**What is required**.
Your output should be an exact copy of the records, with no pictures in it.
Provided material below:
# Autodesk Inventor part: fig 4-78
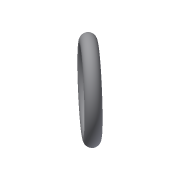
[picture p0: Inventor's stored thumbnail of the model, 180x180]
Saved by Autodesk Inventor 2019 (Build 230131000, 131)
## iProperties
Created: 2012-07
Part Number: fig 4-78
Material: Generic
Document SubType Name: Modeling
Designer: CADCIM
Density: 1 g/cm^3
Appearance: Default
Author: CADCIM
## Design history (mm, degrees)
sketch "Sketch1"
  geometry: L1 (-1.626, -1.876)-(1.626, 1.876); L2 (0, 0)-(7.504, -6.505); C1 r 1.845 at (7.504, -6.505)
  constraints: 4 end point, 1 centre point, 1 midpoint, 1 perpendicular
  dimensions: "d0" = 90 deg dimension on L2.end C1 L1.start L1.end L1 L2.start L2
revolve "Revolution1" sketch "Sketch1" stored, may be unused: angle "d0" = 90 deg
body "Solid1"
End of Provided material.
**Task solution**.
# Autodesk Inventor part: fig 4-78
[picture p0: Inventor's stored thumbnail of the model, 180x180]
Saved by Autodesk Inventor 2019 (Build 230131000, 131)
## iProperties
Created: 2012-07
Part Number: fig 4-78
Material: Generic
Document SubType Name: Modeling
Designer: CADCIM
Density: 1 g/cm^3
Appearance: Default
Author: CADCIM
## Design history (mm, degrees)
sketch "Sketch1"
  geometry: L1 (-1.626, -1.876)-(1.626, 1.876); L2 (0, 0)-(7.504, -6.505); C1 r 1.845 at (7.504, -6.505)
  constraints: 4 end point, 1 centre point, 1 midpoint, 1 perpendicular
  dimensions: "d0" = 90 deg dimension on L2.end C1 L1.start L1.end L1 L2.start L2
revolve "Revolution1" sketch "Sketch1" stored, may be unused: angle "d0" = 90 deg
body "Solid1"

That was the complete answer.